--- THE RECORDS ---
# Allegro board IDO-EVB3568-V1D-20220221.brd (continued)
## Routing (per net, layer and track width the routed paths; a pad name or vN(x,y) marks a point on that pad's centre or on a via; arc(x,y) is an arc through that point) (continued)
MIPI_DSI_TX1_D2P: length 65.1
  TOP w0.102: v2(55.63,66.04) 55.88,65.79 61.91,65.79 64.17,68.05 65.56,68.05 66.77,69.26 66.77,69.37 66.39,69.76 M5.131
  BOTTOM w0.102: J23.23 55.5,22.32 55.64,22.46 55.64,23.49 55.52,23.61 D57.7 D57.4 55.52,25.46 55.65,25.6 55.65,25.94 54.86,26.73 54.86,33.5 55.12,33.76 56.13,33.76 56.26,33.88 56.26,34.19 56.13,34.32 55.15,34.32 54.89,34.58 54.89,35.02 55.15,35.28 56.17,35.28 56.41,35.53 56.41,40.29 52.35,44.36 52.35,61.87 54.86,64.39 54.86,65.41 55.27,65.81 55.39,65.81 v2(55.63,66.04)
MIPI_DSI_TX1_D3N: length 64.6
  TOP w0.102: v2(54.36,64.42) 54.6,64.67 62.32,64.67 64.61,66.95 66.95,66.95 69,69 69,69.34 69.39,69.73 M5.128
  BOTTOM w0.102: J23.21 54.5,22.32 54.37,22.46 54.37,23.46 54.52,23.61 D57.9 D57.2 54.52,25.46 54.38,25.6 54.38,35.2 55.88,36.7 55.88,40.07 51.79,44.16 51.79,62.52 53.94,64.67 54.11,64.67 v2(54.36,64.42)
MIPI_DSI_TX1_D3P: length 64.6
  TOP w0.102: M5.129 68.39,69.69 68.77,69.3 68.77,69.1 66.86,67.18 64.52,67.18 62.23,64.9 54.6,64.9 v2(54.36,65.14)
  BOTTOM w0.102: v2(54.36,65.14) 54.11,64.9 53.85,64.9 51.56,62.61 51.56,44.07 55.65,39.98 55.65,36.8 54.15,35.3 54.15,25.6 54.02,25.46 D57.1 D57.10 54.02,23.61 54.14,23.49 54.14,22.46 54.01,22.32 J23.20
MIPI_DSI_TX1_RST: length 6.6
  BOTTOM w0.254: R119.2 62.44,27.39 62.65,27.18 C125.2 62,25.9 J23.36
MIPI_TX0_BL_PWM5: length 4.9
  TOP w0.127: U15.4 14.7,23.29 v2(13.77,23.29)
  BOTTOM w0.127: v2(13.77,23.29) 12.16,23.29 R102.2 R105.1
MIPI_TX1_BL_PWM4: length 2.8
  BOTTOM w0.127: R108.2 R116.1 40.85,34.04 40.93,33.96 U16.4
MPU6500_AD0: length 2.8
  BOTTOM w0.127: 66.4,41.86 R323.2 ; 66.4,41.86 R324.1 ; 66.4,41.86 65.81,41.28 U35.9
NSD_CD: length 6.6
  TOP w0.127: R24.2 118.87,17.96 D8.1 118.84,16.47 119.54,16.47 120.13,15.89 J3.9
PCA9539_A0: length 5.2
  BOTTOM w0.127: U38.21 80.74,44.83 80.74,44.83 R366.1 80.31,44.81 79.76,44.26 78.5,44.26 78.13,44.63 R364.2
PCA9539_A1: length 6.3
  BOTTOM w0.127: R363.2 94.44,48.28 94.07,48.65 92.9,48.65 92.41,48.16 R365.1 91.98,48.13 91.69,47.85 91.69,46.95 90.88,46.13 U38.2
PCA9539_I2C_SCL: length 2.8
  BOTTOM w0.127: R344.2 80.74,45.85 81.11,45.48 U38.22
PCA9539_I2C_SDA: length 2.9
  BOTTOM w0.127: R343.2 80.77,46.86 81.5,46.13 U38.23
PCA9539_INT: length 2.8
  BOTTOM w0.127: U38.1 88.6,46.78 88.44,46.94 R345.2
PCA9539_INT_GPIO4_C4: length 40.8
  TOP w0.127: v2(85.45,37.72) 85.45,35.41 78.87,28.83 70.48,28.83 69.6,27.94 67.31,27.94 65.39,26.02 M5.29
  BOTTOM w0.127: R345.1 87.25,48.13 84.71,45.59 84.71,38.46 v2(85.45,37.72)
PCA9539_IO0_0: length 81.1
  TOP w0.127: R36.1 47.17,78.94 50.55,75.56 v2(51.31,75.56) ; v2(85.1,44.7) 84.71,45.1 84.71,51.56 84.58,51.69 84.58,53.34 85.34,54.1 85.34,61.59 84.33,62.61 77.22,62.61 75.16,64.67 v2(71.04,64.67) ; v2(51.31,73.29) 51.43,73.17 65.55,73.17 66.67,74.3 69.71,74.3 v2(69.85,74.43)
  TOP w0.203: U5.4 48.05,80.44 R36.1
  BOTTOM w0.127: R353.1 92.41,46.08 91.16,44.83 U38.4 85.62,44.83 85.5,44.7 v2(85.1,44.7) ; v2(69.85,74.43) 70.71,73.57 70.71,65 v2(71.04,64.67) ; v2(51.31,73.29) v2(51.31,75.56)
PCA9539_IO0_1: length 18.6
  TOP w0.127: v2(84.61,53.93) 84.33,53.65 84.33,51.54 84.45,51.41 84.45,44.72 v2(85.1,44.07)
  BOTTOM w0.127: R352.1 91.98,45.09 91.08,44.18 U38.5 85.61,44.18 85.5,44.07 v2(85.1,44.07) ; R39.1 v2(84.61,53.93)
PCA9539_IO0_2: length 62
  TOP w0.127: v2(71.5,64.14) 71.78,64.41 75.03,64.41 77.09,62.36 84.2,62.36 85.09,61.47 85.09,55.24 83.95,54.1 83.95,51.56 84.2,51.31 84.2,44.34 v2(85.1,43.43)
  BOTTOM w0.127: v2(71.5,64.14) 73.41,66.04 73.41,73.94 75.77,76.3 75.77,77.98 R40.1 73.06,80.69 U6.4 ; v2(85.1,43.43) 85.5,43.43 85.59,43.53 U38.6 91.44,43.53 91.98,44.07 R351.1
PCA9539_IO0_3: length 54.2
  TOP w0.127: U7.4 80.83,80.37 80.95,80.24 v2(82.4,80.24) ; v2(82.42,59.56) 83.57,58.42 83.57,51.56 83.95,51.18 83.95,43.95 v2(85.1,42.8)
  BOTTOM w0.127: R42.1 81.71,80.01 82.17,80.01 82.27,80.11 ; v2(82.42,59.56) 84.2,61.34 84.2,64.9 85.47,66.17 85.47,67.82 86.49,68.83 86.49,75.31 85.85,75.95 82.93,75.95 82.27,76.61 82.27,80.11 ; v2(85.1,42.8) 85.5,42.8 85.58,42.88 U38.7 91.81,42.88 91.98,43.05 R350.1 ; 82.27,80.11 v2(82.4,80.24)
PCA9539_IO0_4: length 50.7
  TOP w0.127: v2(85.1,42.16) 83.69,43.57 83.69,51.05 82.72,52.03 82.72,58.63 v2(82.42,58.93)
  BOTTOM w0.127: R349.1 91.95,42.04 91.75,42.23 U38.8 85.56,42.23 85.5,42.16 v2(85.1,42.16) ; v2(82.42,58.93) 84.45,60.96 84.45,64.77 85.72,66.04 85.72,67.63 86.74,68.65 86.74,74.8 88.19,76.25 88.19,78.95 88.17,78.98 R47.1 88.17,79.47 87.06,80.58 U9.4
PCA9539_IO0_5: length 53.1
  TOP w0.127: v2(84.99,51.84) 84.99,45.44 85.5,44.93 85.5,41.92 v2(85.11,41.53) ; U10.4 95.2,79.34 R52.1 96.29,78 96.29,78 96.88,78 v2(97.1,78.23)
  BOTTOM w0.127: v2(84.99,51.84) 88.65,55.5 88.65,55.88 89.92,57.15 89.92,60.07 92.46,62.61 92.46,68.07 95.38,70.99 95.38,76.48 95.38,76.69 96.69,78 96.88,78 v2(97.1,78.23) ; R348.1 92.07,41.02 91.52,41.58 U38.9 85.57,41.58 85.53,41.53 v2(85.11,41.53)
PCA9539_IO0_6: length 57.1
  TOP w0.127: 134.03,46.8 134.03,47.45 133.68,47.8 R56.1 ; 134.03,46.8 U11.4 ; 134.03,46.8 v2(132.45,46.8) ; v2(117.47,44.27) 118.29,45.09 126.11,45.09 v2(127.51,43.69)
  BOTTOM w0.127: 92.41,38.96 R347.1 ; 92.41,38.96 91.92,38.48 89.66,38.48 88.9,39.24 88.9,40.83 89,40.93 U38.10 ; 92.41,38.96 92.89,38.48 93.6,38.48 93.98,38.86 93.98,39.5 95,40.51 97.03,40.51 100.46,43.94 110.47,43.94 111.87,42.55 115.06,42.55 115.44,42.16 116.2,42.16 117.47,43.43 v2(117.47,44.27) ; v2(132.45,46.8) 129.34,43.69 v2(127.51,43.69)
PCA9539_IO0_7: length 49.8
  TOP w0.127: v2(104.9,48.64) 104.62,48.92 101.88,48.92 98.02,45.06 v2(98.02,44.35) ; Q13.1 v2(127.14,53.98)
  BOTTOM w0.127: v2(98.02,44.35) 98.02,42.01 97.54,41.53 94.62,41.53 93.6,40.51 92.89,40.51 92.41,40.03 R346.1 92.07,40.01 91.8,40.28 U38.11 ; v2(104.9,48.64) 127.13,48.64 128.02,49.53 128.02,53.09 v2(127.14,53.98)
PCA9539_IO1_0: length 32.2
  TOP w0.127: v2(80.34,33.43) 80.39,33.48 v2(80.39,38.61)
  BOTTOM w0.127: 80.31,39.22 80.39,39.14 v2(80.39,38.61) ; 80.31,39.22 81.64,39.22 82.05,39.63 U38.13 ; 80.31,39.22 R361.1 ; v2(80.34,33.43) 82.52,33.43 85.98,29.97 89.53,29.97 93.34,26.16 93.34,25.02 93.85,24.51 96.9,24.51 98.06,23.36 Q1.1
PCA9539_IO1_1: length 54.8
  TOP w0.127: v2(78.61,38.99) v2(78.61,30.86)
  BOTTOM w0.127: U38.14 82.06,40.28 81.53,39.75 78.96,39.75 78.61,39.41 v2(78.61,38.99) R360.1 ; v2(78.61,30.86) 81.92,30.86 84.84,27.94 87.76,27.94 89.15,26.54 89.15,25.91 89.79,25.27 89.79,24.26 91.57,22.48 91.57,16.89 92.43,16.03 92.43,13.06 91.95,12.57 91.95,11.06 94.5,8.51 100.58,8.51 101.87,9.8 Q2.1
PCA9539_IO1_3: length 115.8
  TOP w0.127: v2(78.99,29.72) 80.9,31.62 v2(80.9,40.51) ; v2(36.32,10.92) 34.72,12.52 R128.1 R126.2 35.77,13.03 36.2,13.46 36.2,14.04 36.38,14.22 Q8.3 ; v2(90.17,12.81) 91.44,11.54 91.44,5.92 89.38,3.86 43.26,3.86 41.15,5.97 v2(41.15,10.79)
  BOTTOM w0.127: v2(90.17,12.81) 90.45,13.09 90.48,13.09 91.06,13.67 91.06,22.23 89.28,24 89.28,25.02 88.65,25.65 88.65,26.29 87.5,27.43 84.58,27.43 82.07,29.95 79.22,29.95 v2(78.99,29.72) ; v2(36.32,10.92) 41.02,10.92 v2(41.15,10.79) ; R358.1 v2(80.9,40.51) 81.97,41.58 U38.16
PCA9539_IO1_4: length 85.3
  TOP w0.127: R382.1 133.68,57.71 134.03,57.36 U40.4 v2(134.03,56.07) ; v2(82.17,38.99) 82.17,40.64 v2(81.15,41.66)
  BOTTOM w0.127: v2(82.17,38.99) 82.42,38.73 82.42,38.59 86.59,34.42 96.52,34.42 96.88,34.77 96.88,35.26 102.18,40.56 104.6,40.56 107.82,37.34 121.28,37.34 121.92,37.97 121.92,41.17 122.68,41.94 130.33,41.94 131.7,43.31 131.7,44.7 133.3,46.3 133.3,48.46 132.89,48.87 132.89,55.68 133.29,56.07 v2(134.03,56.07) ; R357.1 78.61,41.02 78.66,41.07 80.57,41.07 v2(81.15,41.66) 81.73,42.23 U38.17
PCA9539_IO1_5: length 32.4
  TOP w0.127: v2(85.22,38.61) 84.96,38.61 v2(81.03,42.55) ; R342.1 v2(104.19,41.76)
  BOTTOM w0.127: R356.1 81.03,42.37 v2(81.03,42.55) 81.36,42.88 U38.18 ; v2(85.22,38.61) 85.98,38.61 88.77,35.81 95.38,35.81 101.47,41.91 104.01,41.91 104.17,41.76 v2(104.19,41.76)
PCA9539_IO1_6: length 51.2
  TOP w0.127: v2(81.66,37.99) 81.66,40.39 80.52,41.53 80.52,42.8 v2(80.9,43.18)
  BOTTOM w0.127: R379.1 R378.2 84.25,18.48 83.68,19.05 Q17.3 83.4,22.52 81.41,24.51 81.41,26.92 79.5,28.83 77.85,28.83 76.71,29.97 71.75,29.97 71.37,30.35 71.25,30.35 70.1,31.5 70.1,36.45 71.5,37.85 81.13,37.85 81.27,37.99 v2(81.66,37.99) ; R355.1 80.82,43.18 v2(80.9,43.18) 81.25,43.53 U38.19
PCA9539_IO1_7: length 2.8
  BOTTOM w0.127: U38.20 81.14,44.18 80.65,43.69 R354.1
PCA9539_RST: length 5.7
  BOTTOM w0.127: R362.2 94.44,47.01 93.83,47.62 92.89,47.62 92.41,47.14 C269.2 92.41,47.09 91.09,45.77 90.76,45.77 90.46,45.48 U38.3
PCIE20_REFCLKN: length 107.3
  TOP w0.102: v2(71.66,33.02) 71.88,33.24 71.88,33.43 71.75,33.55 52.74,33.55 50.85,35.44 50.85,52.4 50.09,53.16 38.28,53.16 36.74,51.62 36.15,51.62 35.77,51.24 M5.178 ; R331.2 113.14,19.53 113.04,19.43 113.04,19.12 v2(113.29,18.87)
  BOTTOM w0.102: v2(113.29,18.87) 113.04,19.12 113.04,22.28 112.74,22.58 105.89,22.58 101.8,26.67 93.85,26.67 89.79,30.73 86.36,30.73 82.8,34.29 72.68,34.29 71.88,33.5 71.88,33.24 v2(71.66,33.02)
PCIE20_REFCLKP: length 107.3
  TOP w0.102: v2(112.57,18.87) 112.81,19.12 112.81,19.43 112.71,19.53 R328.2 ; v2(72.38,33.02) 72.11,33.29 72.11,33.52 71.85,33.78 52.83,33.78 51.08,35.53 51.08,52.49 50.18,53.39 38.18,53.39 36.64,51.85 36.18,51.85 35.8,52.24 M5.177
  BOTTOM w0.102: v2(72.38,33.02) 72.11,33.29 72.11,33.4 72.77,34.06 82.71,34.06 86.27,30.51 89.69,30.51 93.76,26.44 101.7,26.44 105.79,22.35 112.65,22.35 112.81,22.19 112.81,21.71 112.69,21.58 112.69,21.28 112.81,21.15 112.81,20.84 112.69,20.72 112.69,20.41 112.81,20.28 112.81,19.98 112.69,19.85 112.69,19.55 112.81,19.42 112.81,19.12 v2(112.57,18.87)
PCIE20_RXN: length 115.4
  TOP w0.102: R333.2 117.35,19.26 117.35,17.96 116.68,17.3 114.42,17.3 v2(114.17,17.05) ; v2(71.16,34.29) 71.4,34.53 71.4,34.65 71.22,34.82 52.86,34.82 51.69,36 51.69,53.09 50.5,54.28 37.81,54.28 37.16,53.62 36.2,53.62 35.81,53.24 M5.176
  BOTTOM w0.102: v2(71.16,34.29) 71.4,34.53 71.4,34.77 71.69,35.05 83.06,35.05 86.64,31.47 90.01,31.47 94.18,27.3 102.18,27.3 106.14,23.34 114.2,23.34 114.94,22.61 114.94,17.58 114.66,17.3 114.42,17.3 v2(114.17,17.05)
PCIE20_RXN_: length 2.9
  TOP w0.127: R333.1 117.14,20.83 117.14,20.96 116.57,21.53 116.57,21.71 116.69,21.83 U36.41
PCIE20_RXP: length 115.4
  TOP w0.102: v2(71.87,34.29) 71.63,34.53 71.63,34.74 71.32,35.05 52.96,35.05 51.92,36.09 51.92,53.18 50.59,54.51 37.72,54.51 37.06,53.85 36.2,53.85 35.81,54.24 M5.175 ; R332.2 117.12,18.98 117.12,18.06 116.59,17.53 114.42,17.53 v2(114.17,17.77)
---
WHAT THE TASK ASKS: Return every line above in which the string "continued" occurs.

OUTPUT:
# Allegro board IDO-EVB3568-V1D-20220221.brd (continued)
## Routing (per net, layer and track width the routed paths; a pad name or vN(x,y) marks a point on that pad's centre or on a via; arc(x,y) is an arc through that point) (continued)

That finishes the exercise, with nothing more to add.